“This obsession with rock is so pathetic,” Zo said to her on a private band. “To be so old and still so small. To limit yourself to the world of inert matter, a world that will never surprise you, never do a single thing. So that you won’t be hurt. Areology as a kind of cowardice. Sad, really.”
A noise on the intercom: air shot between front teeth. Disgust.
Zo laughed.
“You’re an impertinent girl,” Ann said.
“Yes I am.”
“And stupid as well.”
“That I am not!” Zo was surprised at her own vehemence. And then she saw Ann’s face was twisted with anger behind her faceplate, and her voice hissed in the intercom over sharp heavy breaths.
“Don’t ruin the walk,” Ann snapped.
“I was tired of being ignored.”
“So who’s afraid now?”
“Afraid of the boredom.”
Another disgusted hiss. “You’ve been very poorly brought up.”
“Whose fault is that?”
“Oh yours. Yours. But we have to suffer the results.”
“Suffer on. I’m the one that got you here, remember.”
“Sax is the one who got me here, bless his little heart.”
“Everyone’s little to you.”
“Compared to this. . . .” The movement of her helmet showed she had glanced down into the rift.
“This speechless immobility that you’re so safe in.”
“This is the wreckage of a collision very similar to other planetessimal collisions in the early solar system. Mars had some, Earth too. That’s the matrix life emerged out of. This is a window into that time, understand?”
“I understand, but I don’t care.”
“You don’t think it matters.”
“Nothing matters, in the sense you mean. There is no meaning to all this. It’s just an accident of the Big Bang.”
“Oh please,” Ann said. “Nihilism is so ridiculous.”
“Look who’s talking! You’re a nihilist yourself! No meaning or value to life or to your senses— it’s weak nihilism, nihilism for cowards, if you can imagine such a thing.”
“My brave little nihilist.”
“Yes— I face it. And then enjoy what can be enjoyed.”
“Which is?”
“Pleasure. The senses and their input. I’m a sensualist, really. It takes some courage, I think. To face pain, to risk death to get the senses really roaring. . . .”
“You think you’ve faced pain?”
Zo remembered a stalled landing at Overlook, the pain-beyond-pain of broken legs and ribs. “Yes. I have.”
Radio silence. The static of the Uranian magnetic field. Perhaps Ann was allowing her the experience of pain, which given its omnipresence was no great generosity. In fact it made Zo furious. “Do you really think it takes centuries to become human, that no one was human until you geriatrics came along? Keats died at twenty-five, have you read Hyperion? Do you think this hole in a rock is as sublime as even a phrase of Hyperion? Really, you issei are so horrible. And you especially. For you to judge me, when you haven’t changed from the moment you touched Mars. . . .”

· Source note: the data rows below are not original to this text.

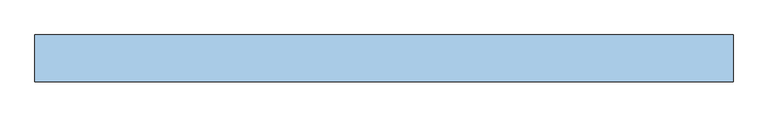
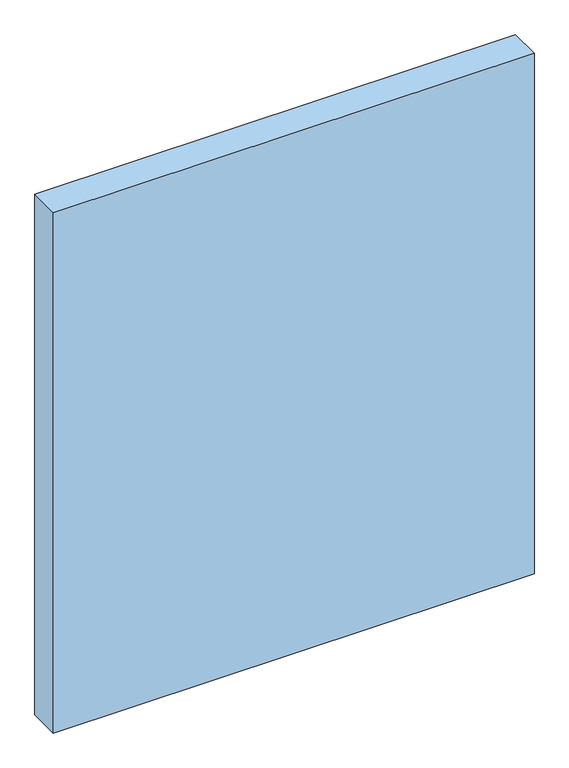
"""IFC4 building model written with IfcOpenShell, lengths in millimetres: window geometry, Dr_Проем-Четверти_об модель : ОК."""

from ifc_helpers import new_model, si_unit, frame, origin, place, context, project, spatial, polyline, outline, extrude, source, transform, mapped, element, save


def window_eb754195(model_context):
    return source(origin(), model_context, "Body", "SweptSolid", [
        extrude(outline(polyline([(1630.0, 100.0), (1630.0, -100.0), (-1360.0, -100.0), (-1360.0, 100.0), (1630.0, 100.0)])), frame((0.0, 0.0, -250.0), z_axis=(0.0, 0.0, 1.0), x_axis=(1.0, 0.0, 0.0)), (0.0, 0.0, 1.0), 3420.0),
    ])


if __name__ == "__main__":
    model = new_model("IFC4")
    model_context = context("Model", 3, world=origin())
    ifc_project = project(units=[si_unit("LENGTHUNIT", "METRE", prefix="MILLI")], contexts=[model_context])
    site = spatial("IfcSite", under=ifc_project)
    building = spatial("IfcBuilding", under=site)
    placement = place(None, origin())
    window_shape = window_eb754195(model_context)
    element("IfcWindow", 1, ObjectType="Dr_Проем-Четверти_об модель : ОК", at=placement, inside=building, context=model_context, shape_type="MappedRepresentation", body=[
        mapped(window_shape, transform((0.0, 0.0, 0.0), x_axis=(1.0, 0.0, 0.0), y_axis=(0.0, 1.0, 0.0), z_axis=(0.0, 0.0, 1.0))),
    ])
    save(model, "model.ifc")

“Quite an accomplishment, eh?”
“An accomplishment in playing dead. Ann Clayborne, the greatest dead person who ever lived.”
“And an impertinent girl. But look at the grain of this rock, twisted like a pretzel.”
“Fuck the rocks.”
“I’ll leave that to the sensualist. No, look. This rock hasn’t changed in three-point-five billion years. And when it did change, my Lord what a change.”
Zo looked at the jade rock under their boots. Somewhat glasslike, but otherwise utterly nondescript. “You’re obsessed,” she said.
“Yes. But I like my obsessions.”
• • •
After that they hiked down the spine of the buttress in silence. Over the course of the day they descended to Bottom’s Landing. Now they were a kilometer below the rims of the chasm, and the sky was a starry band overhead, Uranus fat in the middle of it, the sun a blazing jewel just to one side. Under this gorgeous array the depth of the rift was sublime, astonishing; again Zo felt herself to be flying. “You’ve located intrinsic worth in the wrong place,” she said to all of them, over the common band. “It’s like a rainbow. Without an observer at a twenty-three-degree angle to the light reflecting off a cloud of spherical droplets, there is no rainbow. The whole universe is like that. Our spirits stand at a twenty-three-degree angle to the universe. There is some new thing created at the contact of photon and retina, some space created between rock and mind. Without mind there is no intrinsic worth.”